Extract, in full, the lines below, beginning at the first and ending with the line that contains "Author: mduedu". Pictures do not belong in the copy.
[[ DATA, beginning ]]
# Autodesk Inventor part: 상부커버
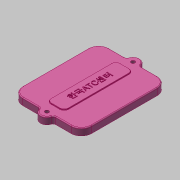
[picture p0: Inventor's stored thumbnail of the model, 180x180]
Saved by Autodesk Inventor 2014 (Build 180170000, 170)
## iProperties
Created: 2016-02
Part Number: 상부커버
Material: ABS 플라스틱
Document SubType Name: Modeling
Designer: mduedu
Density: 1.06 g/cm^3
Mass: 69.6905 g
Surface Area: 192.371 cm^2
Volume: 65.7458 cm^3
Appearance: 분홍색
Author: mduedu
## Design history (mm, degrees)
sketch "스케치1"
  geometry: L1 (40, 50)-(-40, 50); L2 (-40, 50)-(-40, -50); L3 (-40, -50)-(40, -50); L4 (40, -50)-(40, 50); L5 (40, 50)-(-40, -50); L6 (-40, 50)-(40, -50); C1 r 7.5 at (0, 50); C2 r 7.5 at (0, -50); 1 further point
  constraints: 12 end point, 4 midpoint, 2 centre point, 2 parallel, 1 horizontal, 1 perpendicular
  dimensions: "d0" = 80 distance of L2.end L3.end; "d2" = 100 distance of L1.end L2.end; "d46" = 15 diameter of C1; "d47" = 15 diameter of C2
extrude "돌출1" new body sketch "스케치1" distance "d3" = 8; taper "d4" = 0 deg
fillet "모깎기1" dims "d5" = 12, "d48" = 3
sketch "스케치9"
  geometry: L1 (28, 50)-(10.062, 50) reference; L2 (-10.062, 50)-(-28, 50) reference; L3 (-40, 38)-(-40, -38) reference; L4 (-28, -50)-(-10.062, -50) reference; L5 (10.062, -50)-(28, -50) reference; L6 (40, -38)-(40, 38) reference; A1 r 12 centre (28, 38) between (40, 38) and (28, 50) reference; A2 r 3 centre (10.062, 53) between (7.187, 52.143) and (10.062, 50) reference; A3 r 7.5 centre (0, 50) between (7.187, 52.143) and (-7.187, 52.143) reference; A4 r 3 centre (-10.062, 53) between (-10.062, 50) and (-7.187, 52.143) reference; A5 r 12 centre (-28, 38) between (-28, 50) and (-40, 38) reference; A6 r 12 centre (-28, -38) between (-40, -38) and (-28, -50) reference; A7 r 3 centre (-10.062, -53) between (-7.187, -52.143) and (-10.062, -50) reference; A8 r 7.5 centre (0, -50) between (-7.187, -52.143) and (7.187, -52.143) reference; A9 r 3 centre (10.062, -53) between (10.062, -50) and (7.187, -52.143) reference; A10 r 12 centre (28, -38) between (28, -50) and (40, -38) reference; 3 further points
  constraints: 2 coincident
hole "구멍2" sketch "스케치9" at (0, 50), (0, -50) diameter "d49" = 4.5; stored, may be unused: countersink angle "d53" = 90 deg, drill point angle "d55" = 118 deg; dims "d50" = 6, "d51" = 4, "d52" = 2, "d54" = 8
sketch "스케치3"
  geometry: L1 (10, -40)-(-10, -40); L2 (-10, -40)-(-10, 40); L3 (-10, 40)-(10, 40); L4 (10, 40)-(10, -40); L5 (10, -40)-(-10, 40); L6 (-10, -40)-(10, 40); 1 further point
  constraints: 12 end point, 2 midpoint, 2 parallel, 1 horizontal, 1 perpendicular
  dimensions: "d16" = 80 distance of L1.end L2.end; "d18" = 20 distance of L2.end L3.end
extrude "돌출2" join sketch "스케치3" distance "d19" = 1; taper "d20" = 0 deg
fillet "모깎기2" dims "d21" = 5
fillet "모깎기3" dims "d22" = 0.3
sketch "스케치4"
  geometry: 2 further points
  constraints: 1 coincident, 1 other
feature "엠보싱1" sketch "스케치4" dims "d0" = 80, "d2" = 100, "d24" = 0.5, "d25" = 0, "d46" = 15, "d47" = 15
fillet "모깎기10" dims "d45" = 1
node "솔리드1"
node "투영된 루프2"
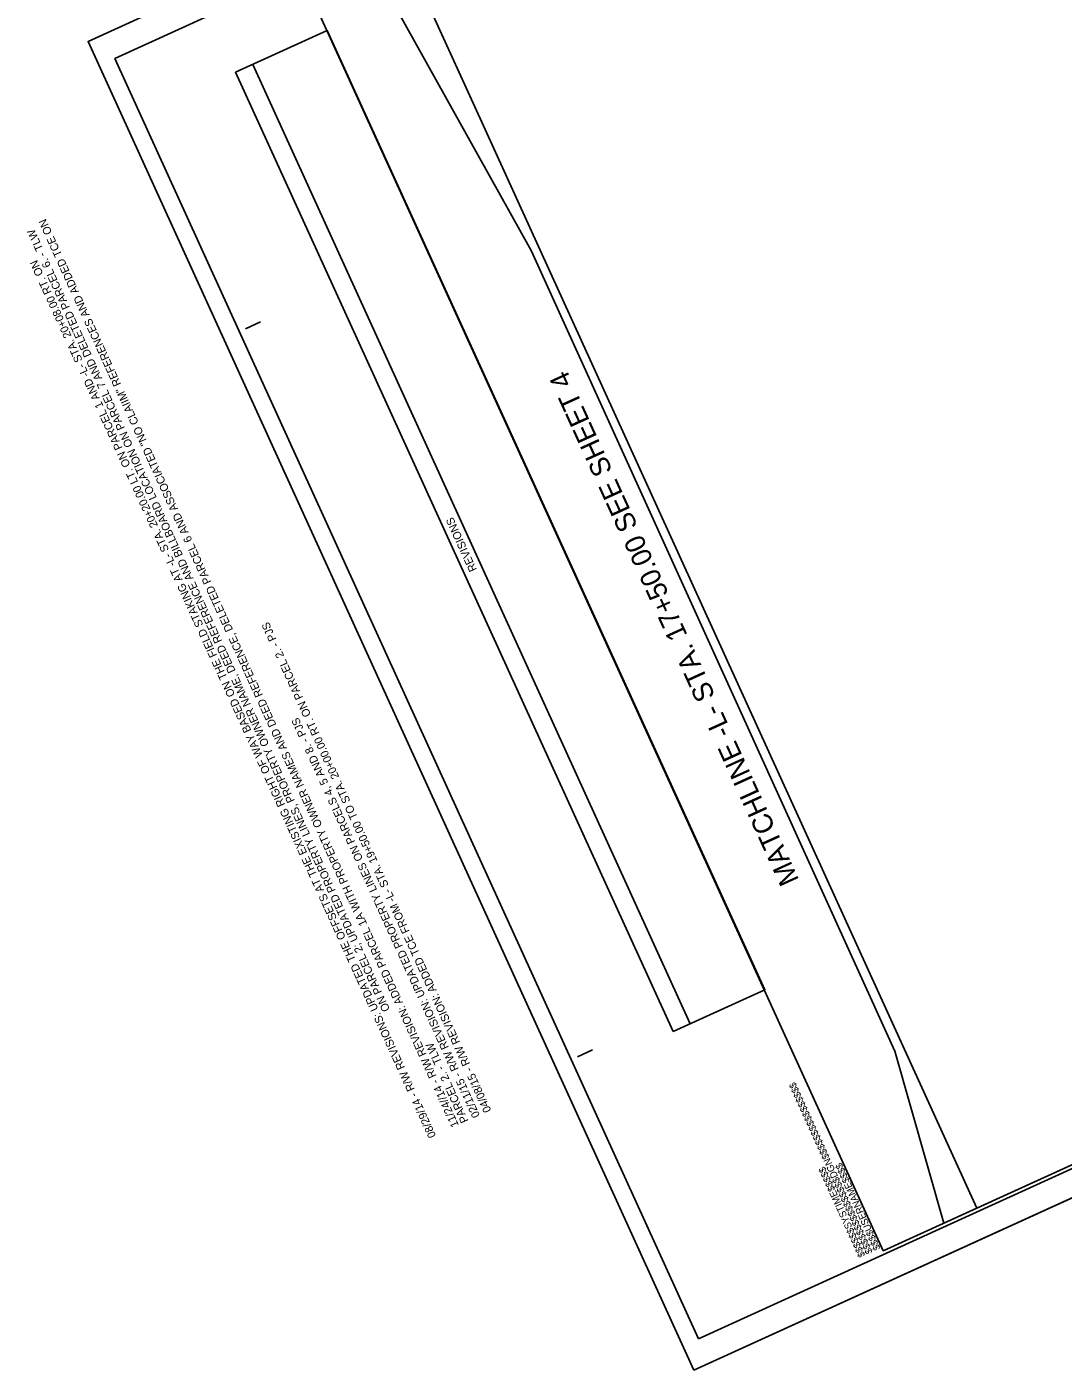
# Model space of a CAD drawing. Extents: x 2247864 to 2249896, y 662531 to 664296.
# Drawn here: x 2247864 to 2248641, y 662531 to 663539 of the extents above; entities that cross this region are included whole.
import ezdxf

# ---------------------------------------------------------------- set-up
doc = ezdxf.new("R2010")
doc.units = 0
for name, color, linetype in [('Matchline', 7, 'Continuous'), ('Matchline Text', 7, 'Continuous'), ('Prop Dimension Text', 7, 'Continuous'), ('Sheet Block Revision CELL', 7, 'Continuous'), ('Sheet Clip Boundary CELL', 7, 'Continuous'), ('Sheet Cutting Line CELL', 7, 'Continuous'), ('Sheet Layout Plan Border', 7, 'Continuous'), ('Sheet Plan CELL', 7, 'Continuous'), ('Sheet Plan Layout CELL', 7, 'Continuous'), ('Sheet Plot Border Inside CELL', 7, 'Continuous'), ('Sheet Plot Border Outside CELL', 7, 'Continuous')]:
    doc.layers.add(name, color=color, linetype=linetype)

msp = doc.modelspace()

# ---------------------------------------------------------------- linework, layer by layer
at = {"layer": 'Matchline'}
msp.add_line((2248241.7, 663371.1), (2248514.4, 662770.6), dxfattribs=at)
at = {"layer": 'Sheet Block Revision CELL'}
msp.add_line((2248360.8, 662791.1), (2248032.9, 663510.5), dxfattribs=at)
msp.add_lwpolyline([(2248348.2, 662785.3), (2248020.1, 663504.7), (2248088.7, 663536), (2248416.9, 662816.6)], close=True, dxfattribs=at)
at = {"layer": 'Sheet Clip Boundary CELL'}
msp.add_lwpolyline([(2248241.7, 663371.1), (2248514.4, 662770.6), (2248551.2, 662641.6), (2249564.6, 663103.3), (2249531.2, 663176.6), (2249788.9, 663294.1), (2249780.7, 663312.1), (2249743.4, 663294.9), (2249677.4, 663353.6), (2249425.3, 663908.7), (2249477.5, 663985.1), (2249305.3, 663906.7), (2249217.6, 664099.1), (2248115.8, 663597.1)], close=True, dxfattribs=at)
at = {"layer": 'Sheet Cutting Line CELL'}
for p, q in [((2249441.4, 664225.8), (2247909.5, 663527.8)), ((2247909.5, 663527.8), (2248363.6, 662531.3)), ((2248363.6, 662531.3), (2249895.5, 663229.4))]:
    msp.add_line(p, q, dxfattribs=at)
at = {"layer": 'Sheet Layout Plan Border'}
msp.add_lwpolyline([(2248198.1, 663481.5), (2248575.8, 662652.8), (2249849.7, 663233.3), (2249502.1, 663996.3), (2249329.8, 663917.8), (2249242.1, 664110.3), (2248140.4, 663608.2)], close=True, dxfattribs=at)
at = {"layer": 'Sheet Plan CELL'}
for p, q in [((2248027.5, 663312.3), (2248038.8, 663317.5)), ((2248276.3, 662766.3), (2248287.7, 662771.5)), ((2248505.7, 662620.9), (2248505.7, 662620.9))]:
    msp.add_line(p, q, dxfattribs=at)
for points in [[(2249435.3, 664198.3), (2248070.3, 663576.3), (2248505.7, 662620.9), (2249870.7, 663242.8)], [(2248505.7, 662620.9), (2248070.3, 663576.3), (2249253.3, 664115.4), (2249315.5, 663978.8), (2249497.5, 664061.8), (2249870.7, 663242.8)]]:
    msp.add_lwpolyline(points, close=True, dxfattribs=at)
at = {"layer": 'Sheet Plan Layout CELL'}
msp.add_lwpolyline([(2248070.3, 663576.3), (2248505.7, 662620.9), (2249870.7, 663242.8), (2249523, 664005.9), (2249305.3, 663906.7), (2249217.6, 664099.1)], close=True, dxfattribs=at)
at = {"layer": 'Sheet Plot Border Inside CELL'}
msp.add_lwpolyline([(2248367.1, 662554.9), (2249883.1, 663245.8), (2249445.6, 664205.8), (2247929.6, 663514.9)], close=True, dxfattribs=at)
at = {"layer": 'Sheet Plot Border Outside CELL'}
msp.add_lwpolyline([(2248363.6, 662531.3), (2249895.5, 663229.4), (2249441.4, 664225.8), (2247909.5, 663527.8)], close=True, dxfattribs=at)

# ---------------------------------------------------------------- texts
at = {"layer": 'Matchline Text'}
msp.add_text('MATCHLINE -L- STA. 17+50.00 SEE SHEET 4', height=15, rotation=114.4979, dxfattribs=at).set_placement((2248442.8, 662898.9))
at = {"layer": 'Prop Dimension Text'}
for s, p in [('11/24//14 - R/W REVISION: ADDED PARCEL 1A WITH PROPERTY OWNER NAMES AND DEED REFERENCE, DELETED PARCEL 6 AND ASSOCIATED "NO CLAIIM" REFERENCES AND ADDED TCE ON', (2248187.6, 662715)), ('  ON PARCEL 2; UPDATED PROPERTY LINES, PROPERTY OWNER NAME, DEED REFERENCE AND BILLBOARD LOCATION ON PARCEL 7 AND DELETED PARCEL 6. - TLW ', (2248137.8, 662797.7)), ('08/29/14 - R/W REVISIONS: UPDATED THE OFFSETS AT THE EXISTING RIGHT OF WAY BASED ON THE FIELD STAKING AT -L- STA. 20+20.00 LT. ON PARCEL 1 AND -L- STA. 20+08.00 RT. ON', (2248170.5, 662707.1)), ('04/08/15 - R/W REVISION: ADDED TCE FROM -L- STA. 19+50.00 TO STA. 20+00.00 RT. ON PARCEL 2. - PJS', (2248211.9, 662726.1)), ('02/11/15 - R/W REVISION: UPDATED PROPERTY LINES ON PARCELS 4, 5 AND 8. - PJS', (2248203.4, 662722.2)), ('PARCEL 2. - TLW', (2248194.8, 662718.3))]:
    msp.add_text(s, height=6, rotation=114.4979, dxfattribs=at).set_placement(p)
at = {"layer": 'Sheet Block Revision CELL'}
msp.add_text('REVISIONS', height=6, rotation=114.4979, dxfattribs=at).set_placement((2248201.1, 663131.7))
at = {"layer": 'Sheet Plan CELL'}
for s, p in [('$$$$$$$$$$$$$$$$DGN$$$$$$$$$$$$$$$$', (2248497.8, 662619.8)), ('$$$$USERNAME$$$$', (2248503.7, 662622.6)), ('$$$$$$SYSTIME$$$$$', (2248492.3, 662617.3))]:
    msp.add_text(s, height=5.25, rotation=114.4979, dxfattribs=at).set_placement(p)

doc.saveas('drawing.dxf')
[[ DATA, end ]]
OUTPUT OF THE TASK
# Autodesk Inventor part: 상부커버
[picture p0: Inventor's stored thumbnail of the model, 180x180]
Saved by Autodesk Inventor 2014 (Build 180170000, 170)
## iProperties
Created: 2016-02
Part Number: 상부커버
Material: ABS 플라스틱
Document SubType Name: Modeling
Designer: mduedu
Density: 1.06 g/cm^3
Mass: 69.6905 g
Surface Area: 192.371 cm^2
Volume: 65.7458 cm^3
Appearance: 분홍색
Author: mduedu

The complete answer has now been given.